Monday, June 05, 2006

Poincare conjecture solved

China news:
Professor Cao Huaidong, of Lehigh University in Pennsylvania, and Professor Zhu Xiping, of Zhongshan (Sun Yat-sen) University in south China's Guangdong Province, co-authored the paper, "A Complete Proof of the Poincare and Geometrization Conjectures - application of the Hamilton-Perelman theory of the Ricci flow", published in the June issue of the journal.

Cao and Zhu put the finishing touches to the complete proof of the Poincare Conjecture, which had puzzled mathematicians around the world, said Professor Shing-Tung Yau, a mathematician at Harvard University and one of the journal's editors-in-chief.
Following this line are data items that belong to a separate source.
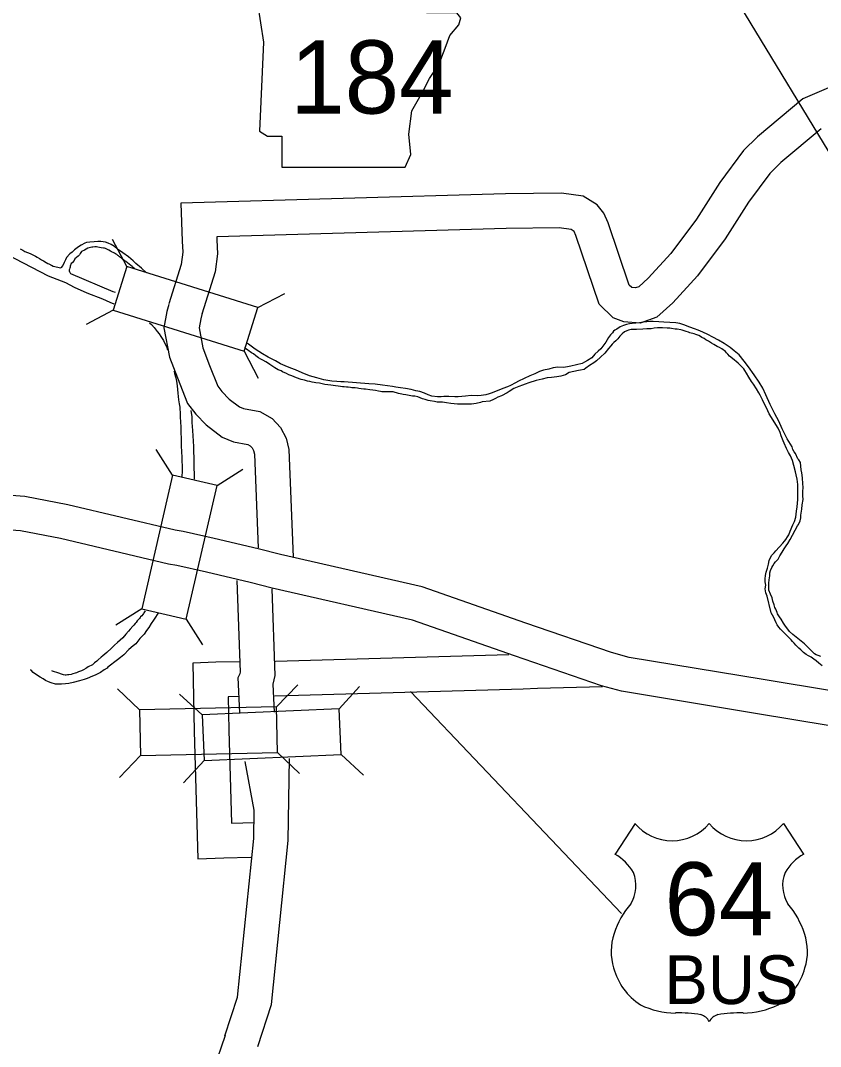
# Model space of a CAD drawing. Extents: x 1720274 to 1751788, y 372074 to 391887.
# Drawn here: x 1725014 to 1726109, y 385389 to 386793 of the extents above; entities that cross this region are included whole.
import ezdxf

# ---------------------------------------------------------------- set-up
doc = ezdxf.new("R2010")
doc.units = 0
for name, color, linetype in [('Level 10', 7, 'Continuous'), ('Level 11', 7, 'Continuous'), ('Level 15', 7, 'Continuous'), ('Level 20', 7, 'Continuous'), ('Level 21', 7, 'Continuous'), ('Level 22', 7, 'Continuous'), ('Level 9', 7, 'Continuous'), ('R_Draft', 7, 'Continuous')]:
    doc.layers.add(name, color=color, linetype=linetype)

msp = doc.modelspace()

# ---------------------------------------------------------------- linework, layer by layer
at = {"layer": 'Level 10'}
for points in [[(1726168.7, 386721.5), (1726084.8, 386685.5), (1726022.8, 386633.5), (1726003.7, 386614.7), (1725971.3, 386571.1), (1725939.5, 386521.1), (1725904, 386473.8), (1725873.4, 386440.2), (1725860.2, 386428.3), (1725856, 386426.8), (1725851, 386427.2), (1725847.2, 386430.8), (1725818.6, 386515.8), (1725812.7, 386529.2), (1725803.4, 386540.4), (1725784.3, 386552.3), (1725754.5, 386556.5), (1725677.9, 386555.5), (1725233.4, 386542.7), (1725235.5, 386490.8), (1725236.1, 386475.7), (1725234, 386458.9), (1725217.2, 386405.2)], [(1726109.9, 386644.7), (1726054.7, 386598.4), (1726039.6, 386583.5), (1726010.3, 386544.2), (1725978.5, 386494.1), (1725940.6, 386443.6), (1725906.9, 386406.6), (1725884.9, 386386.7), (1725862.2, 386378.7), (1725839.9, 386380.5), (1725825.4, 386386.1), (1725806, 386404.6), (1725774.3, 386498.7), (1725772, 386504), (1725771.9, 386504.2), (1725767.7, 386506.8), (1725751.5, 386509), (1725678.9, 386508.1), (1725282.7, 386496.7), (1725282.8, 386492.8), (1725283.6, 386473.7), (1725280.5, 386448.8), (1725262.5, 386391.1)], [(1725217, 386404.2), (1725214.4, 386394.7), (1725210.5, 386372.1), (1725218, 386332.1), (1725228.8, 386303.6), (1725242.6, 386268.5), (1725254, 386254.1), (1725268.2, 386239.3), (1725290.2, 386222.5), (1725305.6, 386216.1), (1725325.3, 386212.5), (1725328.7, 386210.6), (1725331, 386208.1), (1725333.1, 386204.2), (1725334.2, 386199.3), (1725339.4, 386071.2)], [(1725262.8, 386392.1), (1725260.8, 386384.6), (1725258.7, 386372.4), (1725263.8, 386345), (1725273, 386320.6), (1725284.1, 386292.4), (1725289.8, 386285.3), (1725299.8, 386274.8), (1725314.1, 386263.9), (1725319.2, 386261.8), (1725341.7, 386257.6), (1725358.6, 386248.2), (1725370.1, 386235.6), (1725377.8, 386221.1), (1725381.4, 386205.8), (1725387.3, 386058.5)], [(1725314.3, 385845.4), (1725312.1, 385893.6), (1725314.7, 385899.2), (1725315.1, 385901), (1725310.9, 386026.4)], [(1725361.7, 385846.4), (1725360, 385884.7), (1725362.7, 385896.4), (1725358.7, 386015.1)], [(1725251.8, 385820.2), (1725256.7, 385645.5), (1725292.4, 385646.7), (1725329.6, 385647.6)], [(1725299.2, 385821.6), (1725302.8, 385694.3), (1725333.9, 385695.1)], [(1725339.1, 385388.8), (1725357.7, 385446.2), (1725380.7, 385670.6), (1725382.4, 385782.8)], [(1725294, 385403.4), (1725311.1, 385456), (1725333.3, 385673.4), (1725333.9, 385711.9), (1725321.8, 385778.9)], [(1725294.1, 385403.7), (1725278.4, 385357.1), (1725275.9, 385321.8), (1725286.6, 385031.4), (1725290.2, 384925.1), (1725291.3, 384893.1)]]:
    msp.add_lwpolyline(points, dxfattribs=at)
at = {"layer": 'Level 11'}
for points in [[(1725314.4, 385914.9), (1725281.3, 385914.5), (1725249.8, 385913.5), (1725251.8, 385820.4)], [(1725312.9, 385867.5), (1725298.2, 385867.3), (1725299.2, 385821.4)]]:
    msp.add_lwpolyline(points, dxfattribs=at)
at = {"layer": 'Level 15'}
for points in [[(1726544.9, 385908.9), (1726538.4, 385906.8), (1726379.3, 385861.8), (1726334.7, 385854.1), (1726286.7, 385852.8), (1726253, 385855.1), (1726127, 385874.8), (1726030.6, 385890.8), (1725847, 385921.2), (1725823.1, 385927.7), (1725705.9, 385968.2), (1725564, 386017.9), (1725369.9, 386062.2), (1725339.5, 386069.8), (1725279.4, 386083.9), (1725236.8, 386093.7), (1725225.7, 386095.4), (1725079.1, 386130.1), (1725020.3, 386141.6), (1724975.9, 386144.7), (1724941.7, 386143.1), (1724848.3, 386134.7)], [(1726545.5, 385859.6), (1726389.8, 385815.5), (1726339.3, 385806.8), (1726285.7, 385805.4), (1726247.7, 385808), (1726119.5, 385828), (1726022.9, 385844), (1725836.8, 385874.8), (1725809.1, 385882.4), (1725690.3, 385923.4), (1725550.8, 385972.3), (1725358.8, 386016.1), (1725328.4, 386023.7), (1725268.6, 386037.7), (1725227.9, 386047.1), (1725216.7, 386048.8), (1725069.1, 386083.8), (1725014.1, 386094.5), (1724975.3, 386097.3), (1724944.9, 386095.8), (1724852.6, 386087.5)], [(1725363.2, 385916), (1725682.4, 385925.1)], [(1725362.1, 385868.5), (1725702.3, 385878.3), (1725721.6, 385879.1), (1725810.8, 385881.2)]]:
    msp.add_lwpolyline(points, dxfattribs=at)
at = {"layer": 'Level 20'}
for p, q in [((1725159.6, 386456), (1725140.2, 386492.9)), ((1725338.8, 386400), (1725375.7, 386419.4)), ((1725141, 386396.2), (1725104, 386376.9)), ((1725320.1, 386340.3), (1725339.5, 386303.4)), ((1725222.1, 386170.5), (1725200, 386205.9)), ((1725283.1, 386156.5), (1725318.4, 386178.7)), ((1725222.1, 386170.5), (1725180.1, 385987.6)), ((1725283.1, 386156.5), (1725222.1, 386170.5)), ((1725241, 385973.6), (1725283.1, 386156.5)), ((1725180.1, 385987.6), (1725144.7, 385965.5)), ((1725180.1, 385987.6), (1725241, 385973.6)), ((1725241, 385973.6), (1725263.2, 385938.2)), ((1725364.7, 385853.5), (1725393.5, 385883.6)), ((1725450.1, 385850.8), (1725478.3, 385881.5)), ((1725177, 385849.4), (1725146.9, 385878.2)), ((1725262.6, 385842.5), (1725231.9, 385870.7)), ((1725178.4, 385786.8), (1725149.6, 385756.7)), ((1725366.1, 385791), (1725396.2, 385762.1)), ((1725452.9, 385788.3), (1725483.7, 385760.1)), ((1725265.4, 385780), (1725237.2, 385749.3))]:
    msp.add_line(p, q, dxfattribs=at)
for points in [[(1725338.8, 386400), (1725159.6, 386456), (1725141, 386396.2), (1725320.1, 386340.3)], [(1725364.7, 385853.5), (1725177, 385849.4), (1725178.4, 385786.8), (1725366.1, 385791)], [(1725450.1, 385850.8), (1725262.6, 385842.5), (1725265.4, 385780), (1725452.9, 385788.3)]]:
    msp.add_lwpolyline(points, close=True, dxfattribs=at)
at = {"layer": 'Level 21'}
msp.add_lwpolyline([(1725334.6, 386843.2), (1725346.6, 386763), (1725341.3, 386641.3), (1725352, 386634.7), (1725372, 386634.7), (1725372, 386591.9), (1725540.4, 386591.9), (1725548.5, 386609.3), (1725545.8, 386637.3), (1725549.8, 386669.4), (1725564.5, 386694.8), (1725573.9, 386713.5), (1725587.2, 386733.6), (1725595.2, 386755), (1725601.9, 386772.3), (1725614, 386787), (1725616.6, 386796.4), (1725611.3, 386803.1), (1725569.8, 386803.1), (1725579.2, 386821.8), (1725580.5, 386833.8), (1725575, 386843)], close=True, dxfattribs=at)
at = {"layer": 'Level 22'}
for p, q in [((1725547.8, 385874.3), (1725836.9, 385570.7)), ((1725855.2, 385694), (1725827.8, 385651.8)), ((1726058.5, 385694), (1726085.8, 385651.8))]:
    msp.add_line(p, q, dxfattribs=at)
for centre, radius, start, end in [((1725906.1, 385736.9), 66.6, 220.075, 319.6701), ((1726007.6, 385736.9), 66.6, 220.3299, 319.925), ((1725792.1, 385590.4), 71, 30.7809, 59.9883), ((1726121.6, 385590.4), 71, 120.0117, 149.2191), ((1725807.7, 385609.1), 48.7, 328.8105, 21.2108), ((1726105.9, 385609.1), 48.7, 158.7892, 211.1895), ((1725935.1, 385509.3), 113.6, 138.9565, 162.6913), ((1725978.6, 385509.3), 113.6, 17.3087, 41.0435), ((1725897.6, 385518.6), 75.1, 160.9576, 197.3819), ((1726016.1, 385518.6), 75.1, 342.6181, 19.0424), ((1725909.8, 385518.8), 86.9, 195.1074, 237.1312), ((1726003.9, 385518.8), 86.9, 302.8688, 344.8926), ((1725911.4, 385546.1), 111.6, 244.0771, 269.5779), ((1726002.2, 385546.1), 111.6, 270.4221, 295.9229), ((1725914, 385230.3), 204.3, 81.1942, 90.9539), ((1725939.5, 385413.5), 19.6, 28.0342, 72.9864), ((1725974.1, 385413.5), 19.6, 107.0136, 151.9658), ((1725999.7, 385230.3), 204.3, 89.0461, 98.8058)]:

The conjecture was rated as one of the major mathematical puzzles of the 20th Century, said Yau.

"The conjecture is that if in a closed three-dimensional space, any closed curves can shrink to a point continuously, this space can be deformed to a sphere," he explained.
This is big news. The higher dimensional analogues had already been proved. Word of the proof has been around for a couple of years, but this is the first that I have heard that an expert journal editor is vouching for it. Yau is a genius in the field, and he would know. I expect that Grisha Perelman will get most of the credit. You can find his papers here.